From: Peter Xu <peterx@redhat.com>
To: "Dr. David Alan Gilbert" <dgilbert@redhat.com>
Cc: qemu-devel@nongnu.org, Andrea Arcangeli <aarcange@redhat.com>,
"Daniel P . Berrange" <berrange@redhat.com>,
Juan Quintela <quintela@redhat.com>,
Alexey Perevalov <a.perevalov@samsung.com>
Subject: Re: [Qemu-devel] [PATCH v5 00/28] Migration: postcopy failure recovery
Date: Fri, 12 Jan 2018 17:27:28 +0800 [thread overview]
Message-ID: <20180112092728.GP2551@xz-mi> (raw)
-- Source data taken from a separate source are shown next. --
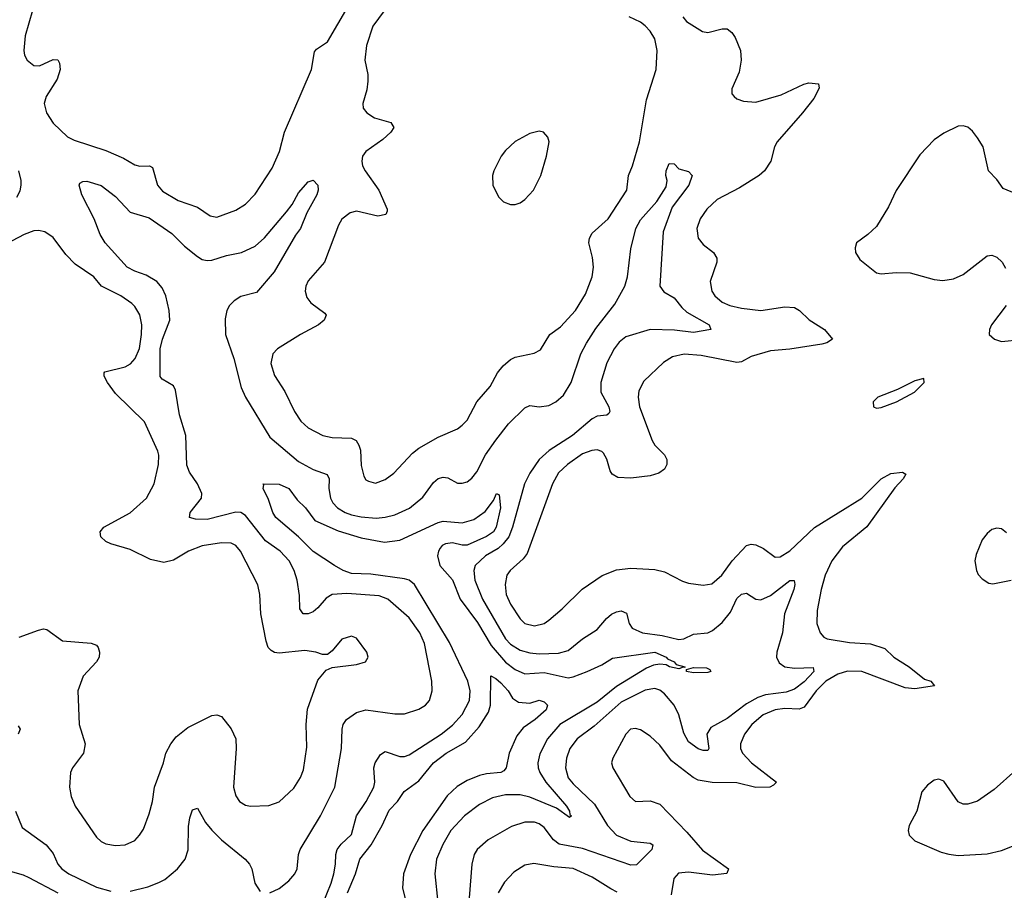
# Model space of a CAD drawing. Header units: inches. Extents: x 1649636 to 1815363, y 506543 to 641975.
# Tile 421 of 656: x 1740992 to 1745082, y 603601 to 607218. Entities that reach past the tile are written whole.
import ezdxf

# ---------------------------------------------------------------- set-up
doc = ezdxf.new("R2010")
doc.units = ezdxf.units.IN
doc.header["$MEASUREMENT"] = 0
doc.layers.add('B7640', color=7, linetype='Continuous')

msp = doc.modelspace()

# ---------------------------------------------------------------- linework, layer by layer
at = {"layer": 'B7640', "color": 5}
for points, elevation in [([(1741044.8, 607255.2), (1741014.4, 607150), (1741008.2, 607090), (1741011.8, 607070), (1741022, 607050), (1741050, 607027.2), (1741073.7, 607026.3), (1741130, 607052.4), (1741150, 607050.5), (1741157.4, 607037.4), (1741159.6, 607010), (1741147.8, 606970), (1741101.3, 606898.7), (1741092.6, 606870), (1741103, 606830), (1741130, 606787.1), (1741190, 606731.5), (1741217.3, 606717.3), (1741350, 606674.6), (1741422.4, 606642.4), (1741470, 606614.4), (1741490, 606609.3), (1741530.2, 606610.2), (1741543.6, 606603.6), (1741563.5, 606530), (1741584.7, 606504.7), (1741650, 606465.8), (1741730, 606438.4), (1741782.7, 606402.7), (1741810, 606397.7), (1741890, 606426.4), (1741930, 606451.4), (1741970, 606493.1), (1742039.7, 606600.3), (1742070.5, 606669.5), (1742091.7, 606750), (1742203.7, 607010), (1742216.3, 607083.7), (1742225, 607095), (1742270, 607126), (1742389.9, 607330)], 580), ([(1742505.4, 607254.5), (1742458.3, 607190), (1742432.1, 607110), (1742425, 607050), (1742437.1, 606990), (1742438, 606962), (1742433.6, 606926.4), (1742416.9, 606870), (1742418.6, 606850), (1742433.4, 606830), (1742466, 606810), (1742533, 606790), (1742546.4, 606770), (1742533.7, 606750), (1742500, 606720), (1742428.9, 606670), (1742415.6, 606650), (1742412.6, 606630), (1742415.8, 606610), (1742426, 606590), (1742483.5, 606510), (1742518.3, 606430), (1742517.5, 606422.5), (1742512.1, 606408), (1742479.2, 606400.8), (1742390, 606422), (1742364.7, 606415.3), (1742330, 606389.6), (1742315.9, 606364.1), (1742257.6, 606210), (1742190, 606133.3), (1742180.3, 606110), (1742177.8, 606090), (1742183.8, 606063.8), (1742201.4, 606041.4), (1742258.6, 605998.6), (1742264.9, 605990), (1742256, 605970), (1742232.9, 605950), (1742157.4, 605910), (1742063, 605850), (1742043.7, 605830), (1742035.3, 605790), (1742050, 605739.3), (1742092.6, 605672.6), (1742132.7, 605590), (1742158.8, 605550), (1742190, 605522.3), (1742250.7, 605490.7), (1742290, 605481.6), (1742370, 605479.3), (1742388.9, 605468.9), (1742400.9, 605450), (1742406.7, 605430), (1742410, 605366), (1742421.7, 605321.7), (1742430, 605306.7), (1742439.9, 605299.9), (1742470, 605292.8), (1742510, 605308.1), (1742545.8, 605334.2), (1742623.8, 605416.2), (1742650, 605437.5), (1742730, 605483.5), (1742810, 605517.7), (1742830, 605533.1), (1742850, 605554), (1742890.5, 605629.5), (1742945.5, 605694.5), (1742977, 605750), (1742999.9, 605780.1), (1743030, 605805.4), (1743050, 605815.3), (1743128.1, 605831.9), (1743154.4, 605845.6), (1743193.7, 605910), (1743238.3, 605941.7), (1743300.7, 606010), (1743342.1, 606077.9), (1743369.8, 606150), (1743375, 606190), (1743371.5, 606230), (1743355.2, 606290), (1743358.3, 606310), (1743370, 606330.2), (1743435.6, 606390), (1743513.6, 606510), (1743520.7, 606570), (1743537.7, 606610), (1743565.7, 606710), (1743595.4, 606884.6), (1743635.4, 607010), (1743639.9, 607090), (1743630, 607138), (1743610.4, 607170.4), (1743590, 607192.3), (1743570, 607207.2), (1743523.7, 607230)], 580), ([(1743745.8, 607230), (1743761.7, 607210), (1743828.2, 607168.2), (1743850, 607165), (1743910, 607180.2), (1743930, 607179), (1743950, 607163.7), (1743963.9, 607143.9), (1743985.5, 607090), (1743988.6, 607050), (1743980.7, 606999.3), (1743950.3, 606930), (1743950.4, 606910), (1743959, 606899), (1743970, 606888.8), (1743998.6, 606878.6), (1744050, 606874.9), (1744154.8, 606905.2), (1744249.4, 606950), (1744270, 606955.3), (1744310, 606950.8), (1744312.5, 606932.5), (1744290.2, 606890), (1744243.2, 606830), (1744137.8, 606710), (1744127.1, 606690), (1744111.7, 606630), (1744086, 606590), (1744062.8, 606570), (1743981.3, 606518.7), (1743889, 606470), (1743845.8, 606430), (1743818.6, 606390), (1743804.5, 606350), (1743810.3, 606310), (1743830, 606284.2), (1743873.7, 606250), (1743886.8, 606226.8), (1743888, 606210), (1743860.2, 606130), (1743866, 606090), (1743879.1, 606070), (1743910, 606044.2), (1743941.3, 606030), (1743990, 606018.7), (1744070, 606009.1), (1744170, 606025), (1744210, 606022.3), (1744230.9, 606010), (1744270.5, 605970.5), (1744334.2, 605930), (1744368, 605890), (1744344.5, 605875.5), (1744323.8, 605870), (1744190, 605849.2), (1744110, 605842.5), (1744030, 605817.9), (1743990, 605796.2), (1743970, 605794), (1743822, 605822), (1743752, 605828), (1743703.1, 605816.9), (1743665.9, 605794.1), (1743583.5, 605716.5), (1743564.1, 605675.9), (1743560.6, 605650), (1743566.4, 605610), (1743618.2, 605470), (1743630.2, 605450), (1743670.2, 605410), (1743680.2, 605390), (1743679.7, 605370), (1743670.2, 605350), (1743646.3, 605333.7), (1743610, 605322.3), (1743530, 605312.5), (1743476, 605316), (1743452.6, 605330), (1743443.7, 605343.7), (1743430, 605392), (1743417, 605417), (1743410, 605424.4), (1743390, 605430.7), (1743368.5, 605428.5), (1743330, 605413.6), (1743266.9, 605370), (1743230, 605334.8), (1743204.3, 605290), (1743099.9, 605000.1), (1743082.7, 604977.3), (1743029.1, 604930), (1743015.8, 604910), (1743008.6, 604871.4), (1743011.8, 604830), (1743030, 604789), (1743070, 604728.1), (1743090, 604709.3), (1743130, 604700.2), (1743170, 604709.3), (1743190, 604722.6), (1743245.6, 604770), (1743327.7, 604852.3), (1743411, 604909), (1743470, 604932.7), (1743530, 604939), (1743630, 604934.2), (1743670, 604924.5), (1743745.1, 604885.1), (1743770, 604876.9), (1743830, 604869.1), (1743866.3, 604873.7), (1743908.7, 604910), (1743951.7, 604970), (1744010, 605032.9), (1744030, 605039.4), (1744050, 605036.1), (1744081.3, 605021.3), (1744130, 604985.4), (1744150, 604986), (1744190, 605010.9), (1744292.5, 605107.5), (1744489.5, 605230.5), (1744570, 605310.1), (1744610, 605333), (1744658.2, 605338.2), (1744673.1, 605330), (1744661.5, 605310), (1744627.1, 605272.9), (1744510, 605110.6), (1744410, 605028.2), (1744365.1, 604970), (1744337.9, 604910), (1744320.1, 604850), (1744304, 604764), (1744302.9, 604710), (1744316.1, 604670), (1744332.3, 604652.3), (1744345.3, 604645.3), (1744438.8, 604630), (1744525.3, 604625.3), (1744585.4, 604605.4), (1744622, 604570), (1744686.2, 604530), (1744750, 604478.3), (1744776, 604470), (1744791, 604450), (1744710, 604438), (1744670, 604441.5), (1744490.2, 604510.2), (1744430, 604511.5), (1744390, 604499.1), (1744340.8, 604470), (1744299.4, 604430), (1744250, 604362.2), (1744230, 604353.3), (1744170, 604355.7), (1744130, 604350.7), (1744079.3, 604330), (1744033.4, 604290), (1744002.8, 604250), (1743985.9, 604210), (1743985.1, 604190), (1743994, 604170), (1744031.5, 604130), (1744134.9, 604050), (1744122.9, 604037.1), (1744107.3, 604030), (1744050, 604028.2), (1743970, 604046.9), (1743868.5, 604048.5), (1743810, 604058.7), (1743789.3, 604069.3), (1743698.6, 604138.6), (1743650, 604204.4), (1743610, 604241.7), (1743570, 604268), (1743550, 604273.5), (1743528.4, 604270), (1743509, 604250), (1743454.9, 604150), (1743450.4, 604130), (1743455.8, 604110), (1743526.3, 603990), (1743550, 603970.4), (1743610, 603973.1), (1743650, 603958.3), (1743762.5, 603842.5), (1743827.5, 603767.4), (1743935.6, 603690), (1743929, 603671), (1743870, 603663.5), (1743770, 603675.8), (1743728.3, 603671.6), (1743708.4, 603650), (1743697.9, 603582.1)], 580), ([(1745150, 606485.2), (1745077, 606517), (1745050, 606554), (1745016, 606590), (1744994.3, 606690), (1744970, 606727.3), (1744950, 606754), (1744930, 606771.3), (1744910, 606776.3), (1744890, 606775.1), (1744830, 606746), (1744790, 606718.7), (1744730, 606656.2), (1744632.1, 606508), (1744600.4, 606439.6), (1744550, 606358), (1744514.9, 606325.1), (1744467.7, 606290), (1744462, 606270), (1744464, 606250), (1744481.7, 606221.7), (1744550, 606166.4), (1744570, 606161.3), (1744632.2, 606167.8), (1744690, 606165.8), (1744790, 606138.5), (1744825.6, 606134.4), (1744870, 606141.1), (1744910, 606158.7), (1745010, 606236.3), (1745030, 606239.1), (1745050, 606230.6), (1745073, 606210), (1745085.8, 606185.9)], 620), ([(1742030, 603590.4), (1742070, 603608.9), (1742110, 603640.3), (1742134.5, 603670), (1742143.9, 603690), (1742149.8, 603750), (1742156.2, 603770), (1742241.5, 603910), (1742300.2, 604030), (1742328.4, 604190), (1742330.6, 604270), (1742335, 604290), (1742348.7, 604310), (1742390, 604339), (1742430, 604350.1), (1742550, 604334.2), (1742590, 604334.3), (1742650, 604353.4), (1742677.6, 604370), (1742694, 604390), (1742704.4, 604430), (1742704.2, 604470), (1742673.5, 604626.5), (1742653.9, 604670), (1742610, 604732.4), (1742520.9, 604810), (1742484.9, 604824.9), (1742350, 604834.2), (1742290.1, 604829.9), (1742264.9, 604815.1), (1742230, 604773.8), (1742210, 604758.4), (1742190, 604749.8), (1742169, 604749), (1742155.1, 604770), (1742154.2, 604825.8), (1742143.7, 604890), (1742131.2, 604930), (1742111.1, 604970), (1742074.2, 605010), (1742013.2, 605053.2), (1741930, 605157.5), (1741910, 605169.9), (1741890, 605172.4), (1741770, 605141.2), (1741722.3, 605142.3), (1741697, 605150), (1741700.4, 605170), (1741747.4, 605230), (1741748.7, 605250), (1741730.6, 605290), (1741697.4, 605337.3), (1741686.5, 605366.5), (1741682, 605490), (1741655.9, 605575.9), (1741639, 605679), (1741630, 605696.8), (1741583.8, 605723.8), (1741575.8, 605735.8), (1741574.5, 605850), (1741584.3, 605890), (1741615.2, 605970), (1741612.7, 606010), (1741599, 606070), (1741583.2, 606103.2), (1741560.7, 606130), (1741516.5, 606156.5), (1741470, 606172.5), (1741437.4, 606190), (1741347.2, 606290), (1741325.6, 606325.6), (1741300.4, 606390), (1741249.7, 606490), (1741238, 606530), (1741242, 606538), (1741254.5, 606545.5), (1741270, 606546.4), (1741330, 606528.7), (1741390, 606483.2), (1741450, 606417.7), (1741530, 606393.8), (1741624, 606330), (1741676.8, 606276.8), (1741730, 606233.2), (1741750, 606221.6), (1741770, 606217.4), (1741790, 606218.8), (1741850, 606238.2), (1741912.3, 606250), (1741970, 606276.2), (1742008.8, 606311.2), (1742100, 606420), (1742123.1, 606450), (1742150, 606498.7), (1742190, 606544), (1742210, 606551), (1742230, 606530.8), (1742231.7, 606510), (1742226, 606490), (1742184.9, 606415.1), (1742158.6, 606350), (1742137.7, 606322.3), (1742049, 606170), (1741975.7, 606084.3), (1741910, 606067.4), (1741883.2, 606050), (1741863.5, 606030), (1741852.2, 606010), (1741845.2, 605974.8), (1741847, 605910), (1741881.4, 605810), (1741911.5, 605690), (1741930.1, 605650.1), (1742030, 605483.9), (1742150, 605382.7), (1742210, 605348.6), (1742268.5, 605328.5), (1742276.6, 605310), (1742275.6, 605270), (1742282.9, 605230), (1742293, 605210), (1742311.8, 605190), (1742343.9, 605170), (1742370, 605161), (1742410, 605152.6), (1742472.5, 605147.5), (1742510, 605150.7), (1742550, 605160.5), (1742611.5, 605188.5), (1742665.6, 605234.4), (1742710, 605295.5), (1742730, 605311.9), (1742750, 605317.1), (1742770, 605314), (1742810, 605292.9), (1742830, 605291.6), (1742850, 605298.3), (1742870, 605312.9), (1742890, 605338.9), (1742926.7, 605410), (1742969.2, 605470.8), (1743021.9, 605538.1), (1743090, 605605.2), (1743110, 605614.4), (1743150, 605608.9), (1743190, 605614.8), (1743218.6, 605630), (1743250, 605658.1), (1743281.9, 605710), (1743323.1, 605830), (1743345.8, 605874.2), (1743384.7, 605935.3), (1743463.5, 606036.5), (1743505.8, 606110), (1743516.2, 606150), (1743530, 606266), (1743550.5, 606350), (1743570, 606386.4), (1743638.2, 606461.8), (1743677.2, 606522.8), (1743680.5, 606550), (1743675.6, 606570), (1743676.9, 606590), (1743690, 606620.7), (1743710, 606618.8), (1743730, 606598), (1743770, 606587.3), (1743784.9, 606570), (1743771.3, 606530), (1743701.9, 606438.1), (1743664, 606336), (1743650.2, 606110.2), (1743666.6, 606086.6), (1743710, 606062), (1743741.4, 606021.4), (1743762.2, 606002.2), (1743856, 605950), (1743863, 605930), (1743790, 605918.1), (1743711.8, 605928.2), (1743610, 605930.5), (1743510, 605899.9), (1743482.4, 605877.6), (1743460.4, 605850), (1743430, 605792), (1743406, 605710), (1743406.2, 605670), (1743438.3, 605610), (1743442.8, 605590), (1743438.3, 605581.7), (1743430, 605575.4), (1743390, 605571.2), (1743370, 605558.9), (1743287.8, 605490), (1743191.4, 605428.6), (1743149.6, 605390), (1743110, 605333.9), (1743088.9, 605290), (1743038.7, 605110), (1743023.4, 605070), (1743000.4, 605039.6), (1742979, 605021), (1742926, 604990), (1742883.2, 604950), (1742877.5, 604930), (1742882.5, 604890), (1742914, 604810), (1743010, 604645.4), (1743030, 604623.8), (1743070, 604598.6), (1743110, 604586.8), (1743150, 604583.6), (1743230, 604586), (1743270, 604597.5), (1743330, 604645.8), (1743390, 604684.4), (1743429.3, 604730.7), (1743450, 604748), (1743470, 604758.2), (1743490, 604761.3), (1743511.7, 604751.7), (1743523.8, 604710), (1743535.6, 604690), (1743579.1, 604670), (1743659.8, 604659.8), (1743730, 604642.6), (1743750, 604645.1), (1743790, 604665.6), (1743850, 604671.1), (1743870, 604680.2), (1743910, 604713.8), (1743943.8, 604756.2), (1743970, 604813), (1743990, 604831.7), (1744010, 604835), (1744050, 604810.2), (1744070, 604807.1), (1744110, 604826.3), (1744190, 604887.9), (1744208.2, 604888.2), (1744211.6, 604871.6), (1744207.6, 604850), (1744168.3, 604750), (1744159.5, 604670), (1744136.6, 604590), (1744134.8, 604570), (1744145.8, 604545.8), (1744169.7, 604529.7), (1744210, 604524), (1744287.1, 604527.1), (1744290.8, 604510), (1744250, 604466.9), (1744210, 604436.3), (1744176.1, 604423.9), (1744090, 604413), (1744057.4, 604402.6), (1744010, 604376.3), (1743930, 604314.9), (1743862.6, 604277.4), (1743845.4, 604250), (1743853.8, 604190), (1743850, 604182.4), (1743830, 604181.8), (1743810, 604188.2), (1743770, 604218.4), (1743750, 604253.3), (1743729.5, 604329.4), (1743709.8, 604370), (1743670, 604417.4), (1743650, 604432.2), (1743630, 604438.7), (1743590, 604432.6), (1743490, 604382.9), (1743377.4, 604282.6), (1743307.9, 604230), (1743277.4, 604190), (1743263.1, 604150), (1743258.9, 604110), (1743270, 604068.3), (1743290, 604042.6), (1743379.4, 603959.4), (1743432.9, 603870), (1743470, 603830.1), (1743530, 603805.7), (1743610, 603796.5), (1743621.3, 603790), (1743618, 603770), (1743553.6, 603706.4), (1743530, 603705), (1743330, 603774.7), (1743232.6, 603792.6), (1743208.4, 603810), (1743170, 603862.5), (1743150, 603877), (1743130, 603883.4), (1743090, 603884.1), (1743034.4, 603865.6), (1742936.9, 603810), (1742891.3, 603770), (1742878.8, 603750), (1742869.2, 603710), (1742858.3, 603570)], 560), ([(1740980.2, 606479.8), (1740993.1, 606506.9), (1740997.1, 606530), (1740997.1, 606550), (1740987.9, 606590)], 580), ([(1740990, 604652.7), (1741070, 604682.3), (1741090, 604687.4), (1741104.9, 604684.9), (1741170, 604637.6), (1741288, 604628), (1741310, 604618.7), (1741318, 604610), (1741323.6, 604590), (1741321.5, 604570), (1741310.1, 604549.9), (1741255.8, 604490), (1741233.4, 604430), (1741238.3, 604290), (1741264.2, 604210), (1741257, 604170), (1741211.5, 604110), (1741203.2, 604090), (1741198.3, 604030), (1741205.7, 603990), (1741222, 603950), (1741310, 603821.6), (1741330, 603803.7), (1741350, 603793.7), (1741390, 603787.4), (1741430, 603790.4), (1741470, 603808.2), (1741489.5, 603830), (1741505.3, 603854.7), (1741530, 603918.8), (1741543.1, 603970), (1741551.1, 604030), (1741588.3, 604130), (1741598.3, 604170), (1741619.1, 604210), (1741642, 604238), (1741690, 604277.6), (1741790, 604327.7), (1741810, 604330.2), (1741830, 604323.1), (1741870, 604272), (1741889.2, 604230), (1741891.3, 604190), (1741880.2, 604030), (1741890, 603994), (1741905.3, 603970), (1741930, 603954.9), (1741950, 603950.3), (1742026.5, 603953.5), (1742070, 603969), (1742130, 604024.6), (1742158.4, 604070), (1742170, 604102), (1742184.7, 604195.3), (1742181, 604290), (1742186.9, 604353.1), (1742230, 604474), (1742265.1, 604514.9), (1742290, 604526.8), (1742390, 604538.8), (1742428, 604550), (1742439, 604570), (1742434, 604590), (1742390, 604649), (1742370, 604657), (1742330, 604644.5), (1742290, 604596), (1742270, 604581.2), (1742250, 604580.9), (1742222, 604590), (1742176.5, 604596.5), (1742070, 604585.7), (1742050, 604589), (1742036.8, 604596.8), (1742023.8, 604610), (1742015.4, 604635.4), (1741993.8, 604750), (1741989.8, 604830), (1741980.3, 604870), (1741908.9, 605010), (1741890, 605032.8), (1741870, 605042.5), (1741830, 605044.7), (1741750, 605031.6), (1741693.1, 605010), (1741630, 604972.3), (1741590, 604962.2), (1741534.9, 604974.9), (1741450, 605016.4), (1741370, 605040.8), (1741349.6, 605050), (1741328.2, 605070), (1741326.3, 605090), (1741340.7, 605110), (1741451.1, 605168.9), (1741518, 605230), (1741549.8, 605290), (1741568.2, 605370), (1741569, 605409), (1741564.9, 605424.9), (1741510, 605547.6), (1741390, 605664.4), (1741355.7, 605710), (1741343.1, 605736.9), (1741342, 605750), (1741345.8, 605754.2), (1741430, 605775), (1741451.6, 605788.4), (1741471.2, 605810), (1741488.6, 605851.4), (1741498.2, 605910), (1741498.5, 605950), (1741490, 605991.6), (1741470, 606026.6), (1741458, 606038), (1741412.4, 606070), (1741330.9, 606110), (1741299.2, 606150), (1741222.3, 606202.3), (1741182.8, 606242.8), (1741130, 606312.1), (1741095.8, 606335.8), (1741070, 606341.3), (1741050, 606340.2), (1741010, 606325.6), (1740934.5, 606285.5)], 580), ([(1745088.9, 606030), (1745028.9, 605950), (1745019.5, 605930), (1745019.1, 605910), (1745041, 605890), (1745070, 605880.4), (1745151.5, 605888.5)], 620), ([(1742250, 603542.3), (1742285.8, 603630), (1742297, 603670), (1742303.9, 603710), (1742304.3, 603750), (1742310.6, 603770), (1742327.2, 603792.8), (1742370, 603833.4), (1742390.5, 603910), (1742431.2, 603970), (1742462.4, 604030), (1742466.9, 604050), (1742462.9, 604110), (1742468.8, 604131.2), (1742490, 604165.7), (1742510, 604177.3), (1742570, 604156.3), (1742590, 604156.6), (1742610, 604164.3), (1742742.2, 604250), (1742790, 604286.9), (1742830, 604331.1), (1742859.6, 604390), (1742862.2, 604430), (1742853.6, 604470), (1742776.3, 604630), (1742631.7, 604871.7), (1742610, 604888.8), (1742590, 604895.5), (1742450, 604914.6), (1742370, 604917.7), (1742334.7, 604930), (1742298.7, 604950), (1742210, 605008.1), (1742150, 605069.3), (1742056.2, 605150), (1742043.7, 605170), (1742025.1, 605225.1), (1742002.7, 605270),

In-Reply-To: <20180111165930.GE2669@work-vm>
On Thu, Jan 11, 2018 at 04:59:32PM +0000, Dr. David Alan Gilbert wrote:
> * Peter Xu (peterx@redhat.com) wrote:
> > Tree is pushed here for better reference and testing (online tree
> > includes monitor OOB series):
> >
> > https://github.com/xzpeter/qemu/tree/postcopy-recover-all
> >
> > This version removed quite a few patches related to migrate-incoming,
> > instead I introduced a new command "migrate-recover" to trigger the
> > recovery channel on destination side to simplify the code.
>
> I've got this setup on a couple of my test hosts, and I'm using
> iptables to try breaking the connection.
>
> See below for where I got stuck.
>
> > To test this two series altogether, please checkout above tree and
> > build. Note: to test on small and single host, one need to disable
> > full bandwidth postcopy migration otherwise it'll complete very fast.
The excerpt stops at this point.